WHAT IS BEING ASKED => State how many lines in the material hold the string "other"; nothing besides that number is expected.

(THE DATA)

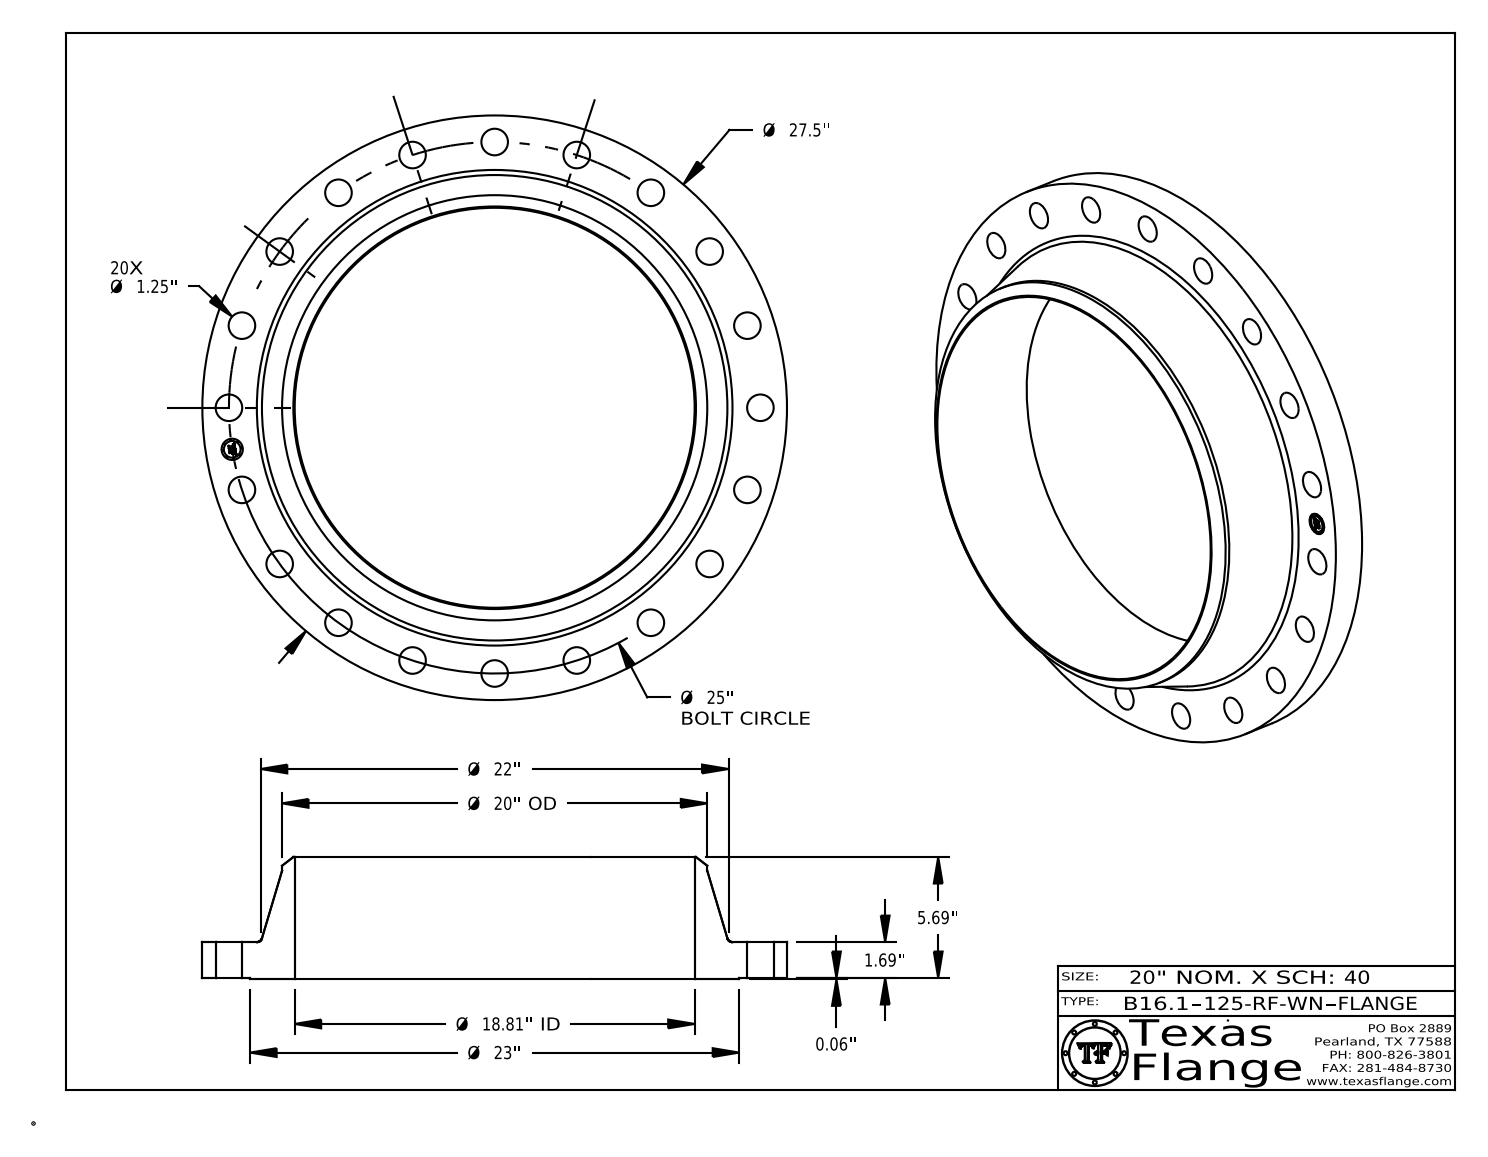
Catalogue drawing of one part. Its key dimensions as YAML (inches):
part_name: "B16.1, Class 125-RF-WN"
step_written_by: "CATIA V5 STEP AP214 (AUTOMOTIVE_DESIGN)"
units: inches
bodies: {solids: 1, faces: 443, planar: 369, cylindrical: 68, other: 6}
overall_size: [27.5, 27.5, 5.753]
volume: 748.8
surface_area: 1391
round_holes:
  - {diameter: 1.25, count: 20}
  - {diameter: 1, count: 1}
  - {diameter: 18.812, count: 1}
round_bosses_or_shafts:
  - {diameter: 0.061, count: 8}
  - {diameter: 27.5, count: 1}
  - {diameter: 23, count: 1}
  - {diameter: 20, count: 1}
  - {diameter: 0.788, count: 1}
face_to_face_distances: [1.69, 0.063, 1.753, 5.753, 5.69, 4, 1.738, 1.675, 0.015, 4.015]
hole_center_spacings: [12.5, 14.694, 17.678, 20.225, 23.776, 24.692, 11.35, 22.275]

(End THE DATA)
(THE DATA)

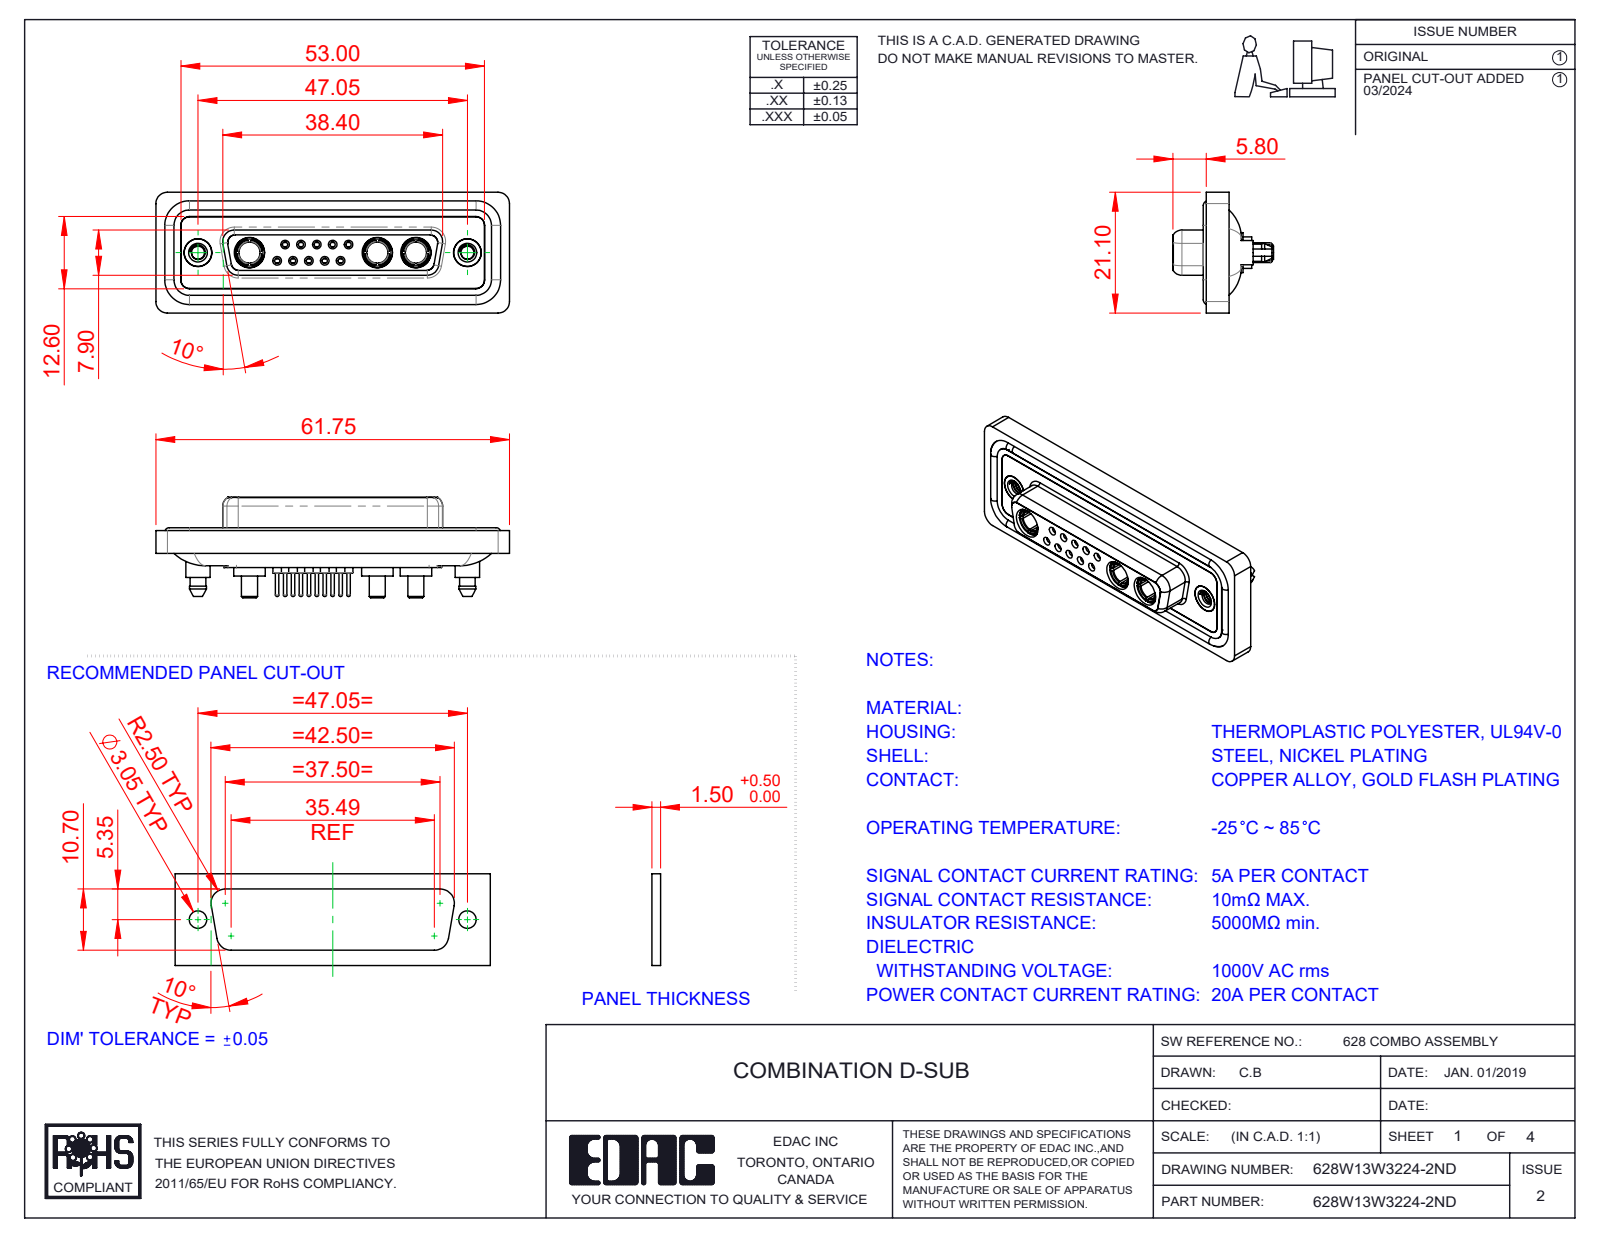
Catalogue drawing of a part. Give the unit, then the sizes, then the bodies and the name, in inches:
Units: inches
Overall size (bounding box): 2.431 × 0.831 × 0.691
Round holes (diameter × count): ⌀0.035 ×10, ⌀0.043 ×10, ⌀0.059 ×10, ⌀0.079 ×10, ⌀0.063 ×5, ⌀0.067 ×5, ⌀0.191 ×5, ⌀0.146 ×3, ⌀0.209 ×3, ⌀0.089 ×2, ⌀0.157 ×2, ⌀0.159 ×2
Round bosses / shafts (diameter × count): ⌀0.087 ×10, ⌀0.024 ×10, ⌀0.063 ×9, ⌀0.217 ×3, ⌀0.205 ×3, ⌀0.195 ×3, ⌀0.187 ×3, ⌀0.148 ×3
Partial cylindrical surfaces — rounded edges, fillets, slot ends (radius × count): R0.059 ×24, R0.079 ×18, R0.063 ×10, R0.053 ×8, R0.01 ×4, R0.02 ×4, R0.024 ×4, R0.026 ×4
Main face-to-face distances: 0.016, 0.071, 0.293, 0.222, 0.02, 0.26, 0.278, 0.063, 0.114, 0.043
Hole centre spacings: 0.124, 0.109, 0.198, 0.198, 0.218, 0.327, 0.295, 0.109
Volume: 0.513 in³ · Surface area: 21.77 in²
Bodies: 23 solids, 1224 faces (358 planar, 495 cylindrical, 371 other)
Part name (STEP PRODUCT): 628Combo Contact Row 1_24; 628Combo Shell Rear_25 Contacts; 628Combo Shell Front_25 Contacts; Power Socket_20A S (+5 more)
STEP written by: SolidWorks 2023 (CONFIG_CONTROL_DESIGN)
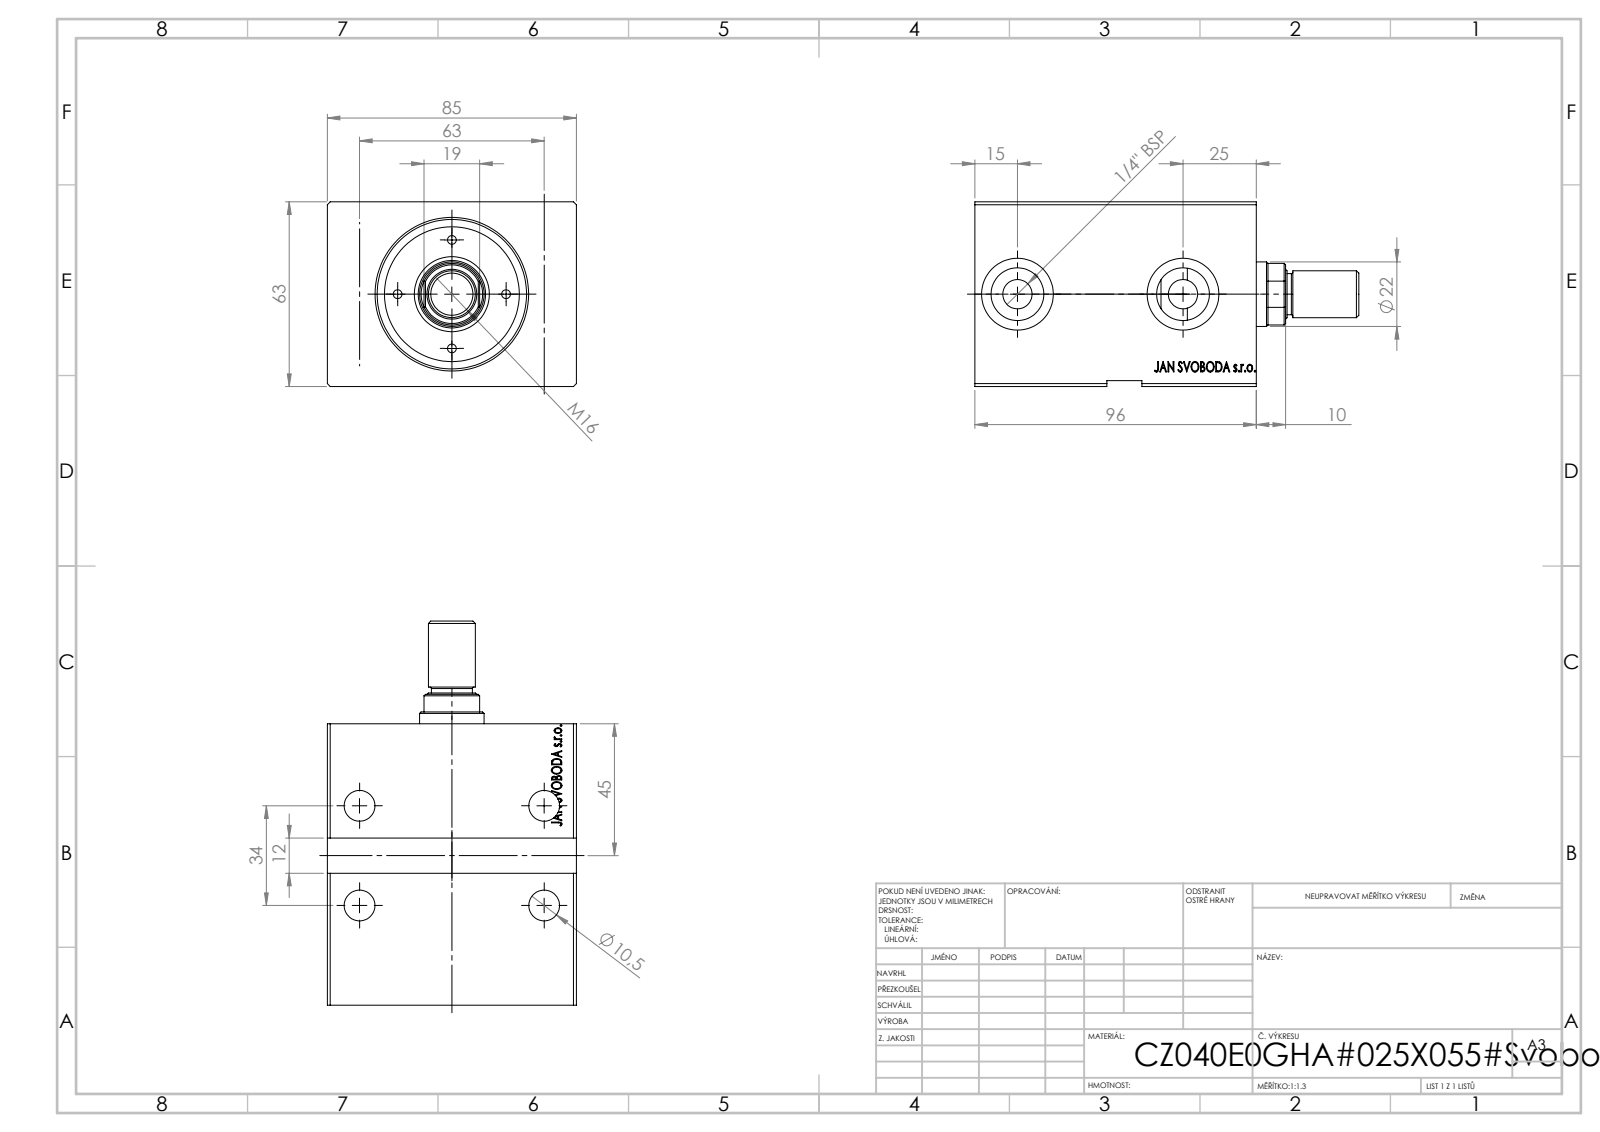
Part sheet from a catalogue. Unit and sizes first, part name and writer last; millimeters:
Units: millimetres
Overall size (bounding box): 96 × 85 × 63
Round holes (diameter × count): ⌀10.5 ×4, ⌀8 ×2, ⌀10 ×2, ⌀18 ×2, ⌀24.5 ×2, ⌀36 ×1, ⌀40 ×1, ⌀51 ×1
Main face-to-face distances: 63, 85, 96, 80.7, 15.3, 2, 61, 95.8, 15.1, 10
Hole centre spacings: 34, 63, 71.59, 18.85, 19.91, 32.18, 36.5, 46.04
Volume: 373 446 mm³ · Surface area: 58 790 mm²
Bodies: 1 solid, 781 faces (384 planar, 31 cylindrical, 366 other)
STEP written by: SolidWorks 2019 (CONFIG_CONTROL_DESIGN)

(End THE DATA)

ANSWER SPACE => 3